[TASK INPUTS]
★ ★ ★ ★ ★
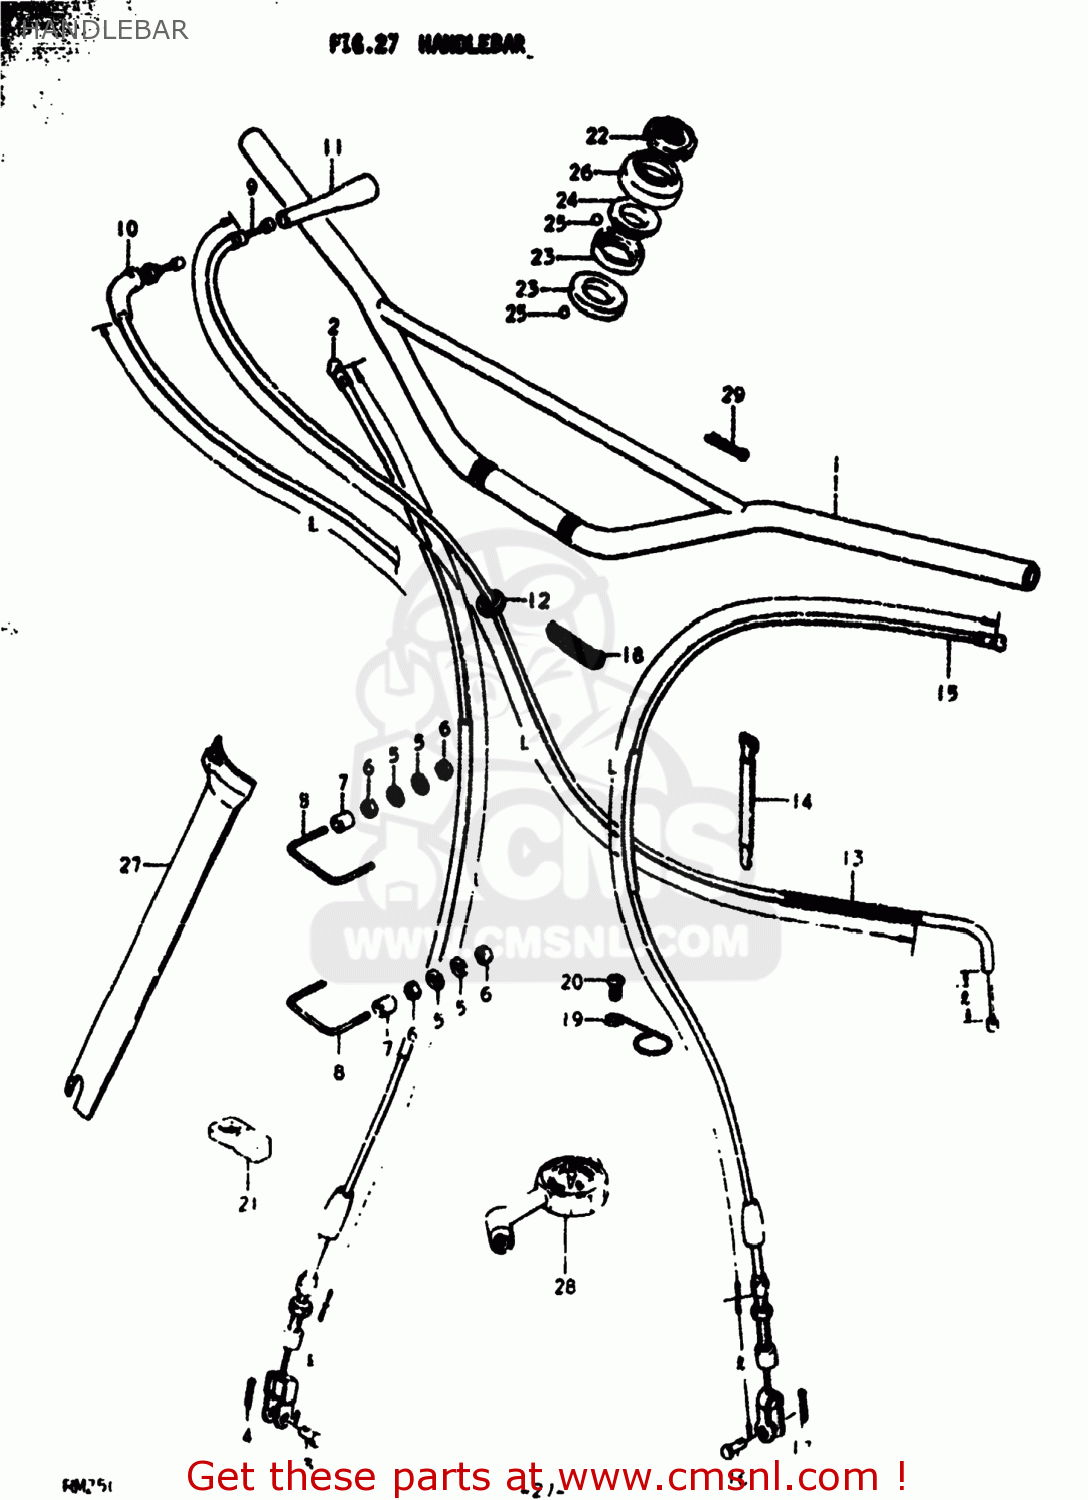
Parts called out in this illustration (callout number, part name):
1	HANDLEBAR
2	CABLE ASSY,FR BRAKE
3	PIN(L:13)
4	PIN
5	WASHER
6	NUT 3MM
7	BUSHING
8	CLAMP,CABLE
9	CABLE ASSEMBLY,THROTTLE
10	CABLE ASSEMBLY,THROTTLE
11	SEAL
12	GROMMET
13	PROTECTOR,CABLE
14	CLAMP
15	CABLE ASSEMBLY,CLUTCH
16	PIN(L:13)
17	PIN
18	CLAMP L:35
19	CLAMP
20	SCREW 6X12
21	GUIDE,CABLE
22	NUT,STEERING STEM(25X44X10)
23	LACE,STEERING INNER LWR
24	LACE,STEERING OUTER UPR
25	BALL
26	DUST SEAL,STEERING UPR
27	PROTECTOR
28	GAUGE ASSEMBLY,AIR PRESSURE
29	COTTER PIN
★ ★ ★ ★ ★
[EXERCISE AIM] Transcribe every entry exactly, leaving out the pictures.

[RESPONSE AREA]
Parts called out in this illustration (callout number, part name):
1	HANDLEBAR
2	CABLE ASSY,FR BRAKE
3	PIN(L:13)
4	PIN
5	WASHER
6	NUT 3MM
7	BUSHING
8	CLAMP,CABLE
9	CABLE ASSEMBLY,THROTTLE
10	CABLE ASSEMBLY,THROTTLE
11	SEAL
12	GROMMET
13	PROTECTOR,CABLE
14	CLAMP
15	CABLE ASSEMBLY,CLUTCH
16	PIN(L:13)
17	PIN
18	CLAMP L:35
19	CLAMP
20	SCREW 6X12
21	GUIDE,CABLE
22	NUT,STEERING STEM(25X44X10)
23	LACE,STEERING INNER LWR
24	LACE,STEERING OUTER UPR
25	BALL
26	DUST SEAL,STEERING UPR
27	PROTECTOR
28	GAUGE ASSEMBLY,AIR PRESSURE
29	COTTER PIN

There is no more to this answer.